[Collected data entries]
****************
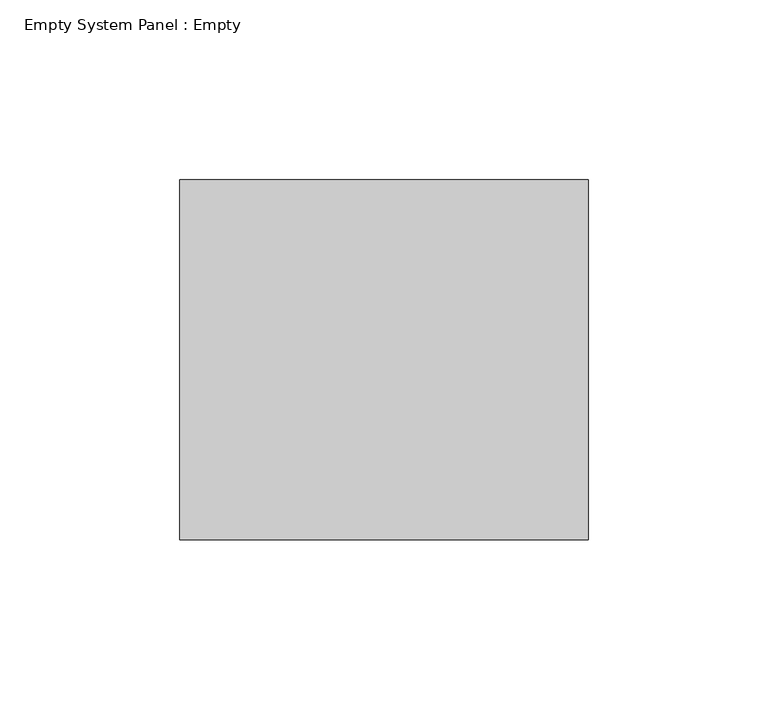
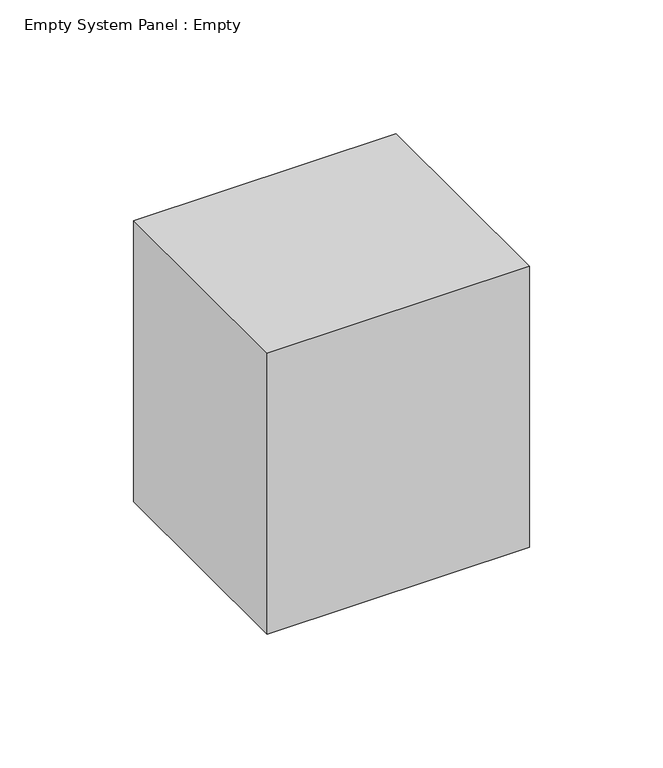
"""IFC4 building model written with IfcOpenShell, lengths in millimetres: plate geometry, Empty System Panel : Empty."""

from ifc_helpers import new_model, si_unit, origin, origin_with_axes, place, context, project, spatial, polyline, outline, extrude, source, transform, mapped, element, save


def empty_system_panel_empty_53187d3d(model_context):
    return source(origin(), model_context, "Body", "SweptSolid", [
        extrude(outline(polyline([(56.6878051, 50.0), (-56.6878051, 50.0), (-56.6878051, 150.0), (56.6878051, 150.0), (56.6878051, 50.0)])), origin_with_axes(), (0.0, 0.0, 1.0), 128.37561),
    ])


if __name__ == "__main__":
    model = new_model("IFC4")
    model_context = context("Model", 3, world=origin())
    ifc_project = project(units=[si_unit("LENGTHUNIT", "METRE", prefix="MILLI")], contexts=[model_context])
    site = spatial("IfcSite", under=ifc_project)
    building = spatial("IfcBuilding", under=site)
    placement = place(None, origin())
    empty_system_panel_empty_shape = empty_system_panel_empty_53187d3d(model_context)
    element("IfcPlate", 1, ObjectType="Empty System Panel : Empty", at=placement, inside=building, context=model_context, shape_type="MappedRepresentation", body=[
        mapped(empty_system_panel_empty_shape, transform((0.0, 0.0, 0.0), x_axis=(1.0, 0.0, 0.0), y_axis=(0.0, 1.0, 0.0), z_axis=(0.0, 0.0, 1.0))),
    ])
    save(model, "model.ifc")
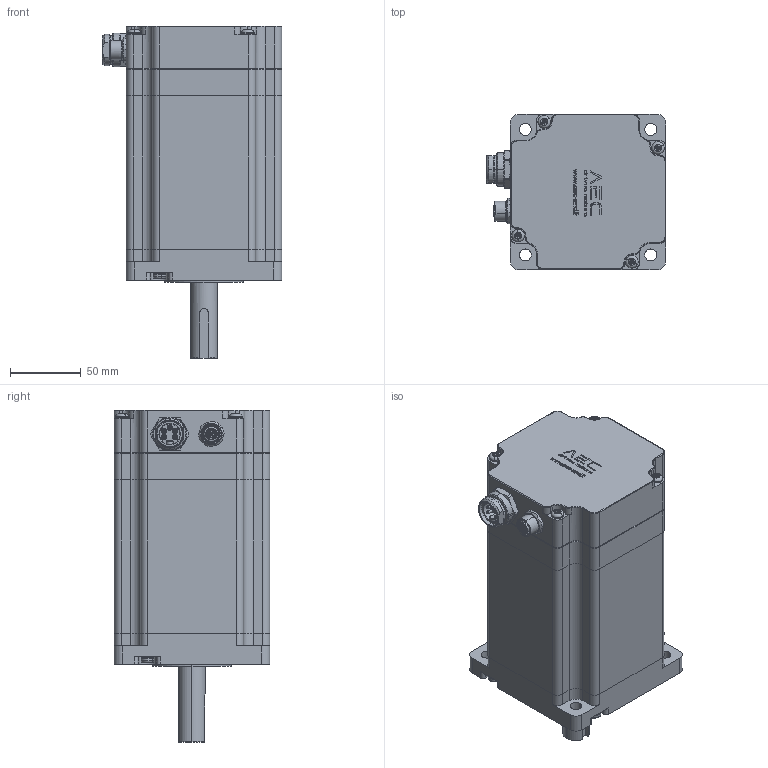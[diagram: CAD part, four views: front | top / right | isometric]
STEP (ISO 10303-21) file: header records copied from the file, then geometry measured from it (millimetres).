
FILE_DESCRIPTION (( 'STEP AP214' ), '1' );
FILE_NAME ('M110SH150-TO0512P24C.STEP', '2025-05-24T08:54:12', ( '' ), ( '' ), 'SwSTEP 2.0', 'SolidWorks 2019', '' );
FILE_SCHEMA (( 'AUTOMOTIVE_DESIGN' ));
Length unit declared in the file: millimetre
Products named in the file (1): M110SH150-TO0512P24C
Bounding box: 127 x 110 x 235 mm (x, y, z)
Surface area: 284647.9 mm2 (no closed solid volume)
Topology: 0 solids, 48 shells, 1963 faces, 5078 edges, 3230 vertices
Faces by surface type: plane 726, cylinder 569, bspline 373, cone 161, torus 134
Entity records: 97521 total; most frequent: CARTESIAN_POINT 31630, ORIENTED_EDGE 9924, DIRECTION 7744, EDGE_CURVE 4966, VERTEX_POINT 3230, AXIS2_PLACEMENT_3D 2922, EDGE_LOOP 2206, UNCERTAINTY_MEASURE_WITH_UNIT 2010
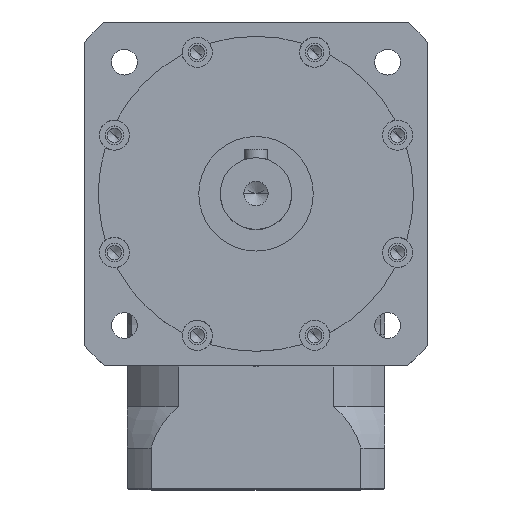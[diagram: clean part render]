
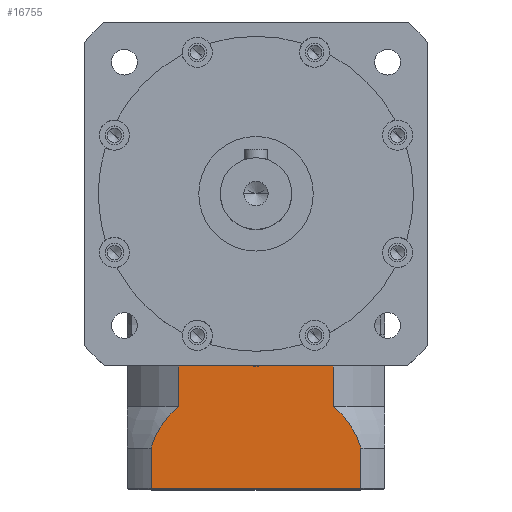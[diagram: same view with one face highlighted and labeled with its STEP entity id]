
A CAD part, top view. The second image highlights one B-rep face of the part: STEP entity #16755.
In plain terms, the highlighted planar face has unit normal (0, 0, 1).
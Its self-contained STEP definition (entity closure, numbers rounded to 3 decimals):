
#874 = EDGE_CURVE ( 'NONE', #33113, #13285, #37348, .T. ) ;
#1661 = LINE ( 'NONE', #38717, #4364 ) ;
#2441 = ORIENTED_EDGE ( 'NONE', *, *, #14095, .T. ) ;
#2799 = CARTESIAN_POINT ( 'NONE',  ( 72.042, -54., -4. ) ) ;
#4077 = ORIENTED_EDGE ( 'NONE', *, *, #15511, .T. ) ;
#4087 = VERTEX_POINT ( 'NONE', #15546 ) ;
#4364 = VECTOR ( 'NONE', #20679, 1000. ) ;
#4694 = VERTEX_POINT ( 'NONE', #35356 ) ;
#4775 = CARTESIAN_POINT ( 'NONE',  ( 60.177, -31.789, -4. ) ) ;
#5127 = VECTOR ( 'NONE', #9799, 1000. ) ;
#5167 = CARTESIAN_POINT ( 'NONE',  ( 54.083, -25., -4. ) ) ;
#5558 = LINE ( 'NONE', #17704, #34843 ) ;
#6041 = DIRECTION ( 'NONE',  ( 0., 0., 1. ) ) ;
#6873 = CARTESIAN_POINT ( 'NONE',  ( -1.166, -25.963, -4. ) ) ;
#6924 = CARTESIAN_POINT ( 'NONE',  ( 63.634, -39.5, -4. ) ) ;
#7209 = CARTESIAN_POINT ( 'NONE',  ( 0., -30.265, -4. ) ) ;
#8009 = CARTESIAN_POINT ( 'NONE',  ( 60.048, -31.593, -4. ) ) ;
#8215 = CARTESIAN_POINT ( 'NONE',  ( 62.519, -36.036, -4. ) ) ;
#9799 = DIRECTION ( 'NONE',  ( 0., 1., 0. ) ) ;
#9831 = ORIENTED_EDGE ( 'NONE', *, *, #22753, .T. ) ;
#13285 = VERTEX_POINT ( 'NONE', #6924 ) ;
#14095 = EDGE_CURVE ( 'NONE', #29703, #4087, #1661, .T. ) ;
#14863 = DIRECTION ( 'NONE',  ( 0., 1., 0. ) ) ;
#14916 = B_SPLINE_CURVE_WITH_KNOTS ( 'NONE', 3,
 ( #34624, #6873, #25899, #16803, #31569, #37869, #22462, #31765, #32393, #35640, #38878, #26101, #20453 ),
 .UNSPECIFIED., .F., .F.,
 ( 4, 1, 1, 1, 1, 1, 2, 2, 4 ),
 ( 0., 0.25, 0.375, 0.437, 0.469, 0.484, 0.492, 0.5, 1. ),
 .UNSPECIFIED. ) ;
#15388 = ORIENTED_EDGE ( 'NONE', *, *, #27347, .T. ) ;
#15511 = EDGE_CURVE ( 'NONE', #27607, #29703, #14916, .T. ) ;
#15546 = CARTESIAN_POINT ( 'NONE',  ( -9.551, -53.5, -4. ) ) ;
#16114 = LINE ( 'NONE', #7209, #22842 ) ;
#16755 = ADVANCED_FACE ( 'NONE', ( #25039 ), #39655, .T. ) ;
#16803 = CARTESIAN_POINT ( 'NONE',  ( -4.42, -29.443, -4. ) ) ;
#16908 = CARTESIAN_POINT ( 'NONE',  ( 63.634, -39.5, -4. ) ) ;
#17319 = CARTESIAN_POINT ( 'NONE',  ( 56.412, -26.923, -4. ) ) ;
#17427 = ORIENTED_EDGE ( 'NONE', *, *, #19986, .T. ) ;
#17704 = CARTESIAN_POINT ( 'NONE',  ( 54.083, -30.265, -4. ) ) ;
#17920 = CARTESIAN_POINT ( 'NONE',  ( 63.634, -53.5, -4. ) ) ;
#19986 = EDGE_CURVE ( 'NONE', #4694, #27233, #20853, .T. ) ;
#20154 = CARTESIAN_POINT ( 'NONE',  ( 60.355, -32.065, -4. ) ) ;
#20367 = CARTESIAN_POINT ( 'NONE',  ( 60.021, -31.553, -4. ) ) ;
#20453 = CARTESIAN_POINT ( 'NONE',  ( -9.551, -39.5, -4. ) ) ;
#20599 = ORIENTED_EDGE ( 'NONE', *, *, #874, .T. ) ;
#20679 = DIRECTION ( 'NONE',  ( 0., -1., 0. ) ) ;
#20764 = LINE ( 'NONE', #17920, #39051 ) ;
#20853 = LINE ( 'NONE', #30559, #33327 ) ;
#21248 = ORIENTED_EDGE ( 'NONE', *, *, #35333, .T. ) ;
#22092 = ORIENTED_EDGE ( 'NONE', *, *, #27480, .T. ) ;
#22462 = CARTESIAN_POINT ( 'NONE',  ( -5.727, -31.232, -4. ) ) ;
#22753 = EDGE_CURVE ( 'NONE', #33431, #4694, #5558, .T. ) ;
#22777 = CARTESIAN_POINT ( 'NONE',  ( 60.702, -32.62, -4. ) ) ;
#22842 = VECTOR ( 'NONE', #35371, 1000. ) ;
#23589 = CARTESIAN_POINT ( 'NONE',  ( 63.257, -38.091, -4. ) ) ;
#23680 = CARTESIAN_POINT ( 'NONE',  ( 54.083, -25., -4. ) ) ;
#25039 = FACE_OUTER_BOUND ( 'NONE', #35977, .T. ) ;
#25823 = B_SPLINE_CURVE_WITH_KNOTS ( 'NONE', 3,
 ( #16908, #23589, #8215, #31885, #22777, #20154, #4775, #29473, #8009, #20367, #32719, #17319, #5167 ),
 .UNSPECIFIED., .F., .F.,
 ( 4, 1, 1, 1, 1, 1, 2, 2, 4 ),
 ( 0., 0.25, 0.375, 0.437, 0.469, 0.484, 0.492, 0.5, 1. ),
 .UNSPECIFIED. ) ;
#25899 = CARTESIAN_POINT ( 'NONE',  ( -2.778, -27.496, -4. ) ) ;
#26101 = CARTESIAN_POINT ( 'NONE',  ( -8.792, -36.668, -4. ) ) ;
#27233 = VERTEX_POINT ( 'NONE', #27850 ) ;
#27347 = EDGE_CURVE ( 'NONE', #27233, #27607, #16114, .T. ) ;
#27480 = EDGE_CURVE ( 'NONE', #4087, #33113, #20764, .T. ) ;
#27607 = VERTEX_POINT ( 'NONE', #39579 ) ;
#27850 = CARTESIAN_POINT ( 'NONE',  ( 0., -10.5, -4. ) ) ;
#29473 = CARTESIAN_POINT ( 'NONE',  ( 60.1, -31.672, -4. ) ) ;
#29703 = VERTEX_POINT ( 'NONE', #34378 ) ;
#30559 = CARTESIAN_POINT ( 'NONE',  ( 0., -10.5, -4. ) ) ;
#31569 = CARTESIAN_POINT ( 'NONE',  ( -5.182, -30.455, -4. ) ) ;
#31765 = CARTESIAN_POINT ( 'NONE',  ( -5.803, -31.344, -4. ) ) ;
#31885 = CARTESIAN_POINT ( 'NONE',  ( 61.357, -33.742, -4. ) ) ;
#32393 = CARTESIAN_POINT ( 'NONE',  ( -5.854, -31.419, -4. ) ) ;
#32719 = CARTESIAN_POINT ( 'NONE',  ( 58.383, -29.095, -4. ) ) ;
#33113 = VERTEX_POINT ( 'NONE', #36277 ) ;
#33327 = VECTOR ( 'NONE', #36071, 1000. ) ;
#33393 = DIRECTION ( 'NONE',  ( 1., 0., 0. ) ) ;
#33431 = VERTEX_POINT ( 'NONE', #23680 ) ;
#34378 = CARTESIAN_POINT ( 'NONE',  ( -9.551, -39.5, -4. ) ) ;
#34503 = CARTESIAN_POINT ( 'NONE',  ( 63.634, -30.265, -4. ) ) ;
#34624 = CARTESIAN_POINT ( 'NONE',  ( 0., -25., -4. ) ) ;
#34821 = AXIS2_PLACEMENT_3D ( 'NONE', #2799, #6041, #33393 ) ;
#34843 = VECTOR ( 'NONE', #14863, 1000. ) ;
#35333 = EDGE_CURVE ( 'NONE', #13285, #33431, #25823, .T. ) ;
#35356 = CARTESIAN_POINT ( 'NONE',  ( 54.083, -10.5, -4. ) ) ;
#35371 = DIRECTION ( 'NONE',  ( 0., -1., 0. ) ) ;
#35640 = CARTESIAN_POINT ( 'NONE',  ( -5.878, -31.455, -4. ) ) ;
#35977 = EDGE_LOOP ( 'NONE', ( #9831, #17427, #15388, #4077, #2441, #22092, #20599, #21248 ) ) ;
#36071 = DIRECTION ( 'NONE',  ( -1., 0., 0. ) ) ;
#36277 = CARTESIAN_POINT ( 'NONE',  ( 63.634, -53.5, -4. ) ) ;
#37348 = LINE ( 'NONE', #34503, #5127 ) ;
#37869 = CARTESIAN_POINT ( 'NONE',  ( -5.548, -30.971, -4. ) ) ;
#38717 = CARTESIAN_POINT ( 'NONE',  ( -9.551, -30.265, -4. ) ) ;
#38878 = CARTESIAN_POINT ( 'NONE',  ( -7.576, -33.999, -4. ) ) ;
#39051 = VECTOR ( 'NONE', #39395, 1000. ) ;
#39395 = DIRECTION ( 'NONE',  ( 1., 0., 0. ) ) ;
#39579 = CARTESIAN_POINT ( 'NONE',  ( 0., -25., -4. ) ) ;
#39655 = PLANE ( 'NONE',  #34821 ) ;
****************
Assignment: Search the records for the string "VECTOR" and, wherever a line contains it, please copy that line.

Finished exercise:
#4364 = VECTOR ( 'NONE', #20679, 1000. ) ;
#5127 = VECTOR ( 'NONE', #9799, 1000. ) ;
#22842 = VECTOR ( 'NONE', #35371, 1000. ) ;
#33327 = VECTOR ( 'NONE', #36071, 1000. ) ;
#34843 = VECTOR ( 'NONE', #14863, 1000. ) ;
#39051 = VECTOR ( 'NONE', #39395, 1000. ) ;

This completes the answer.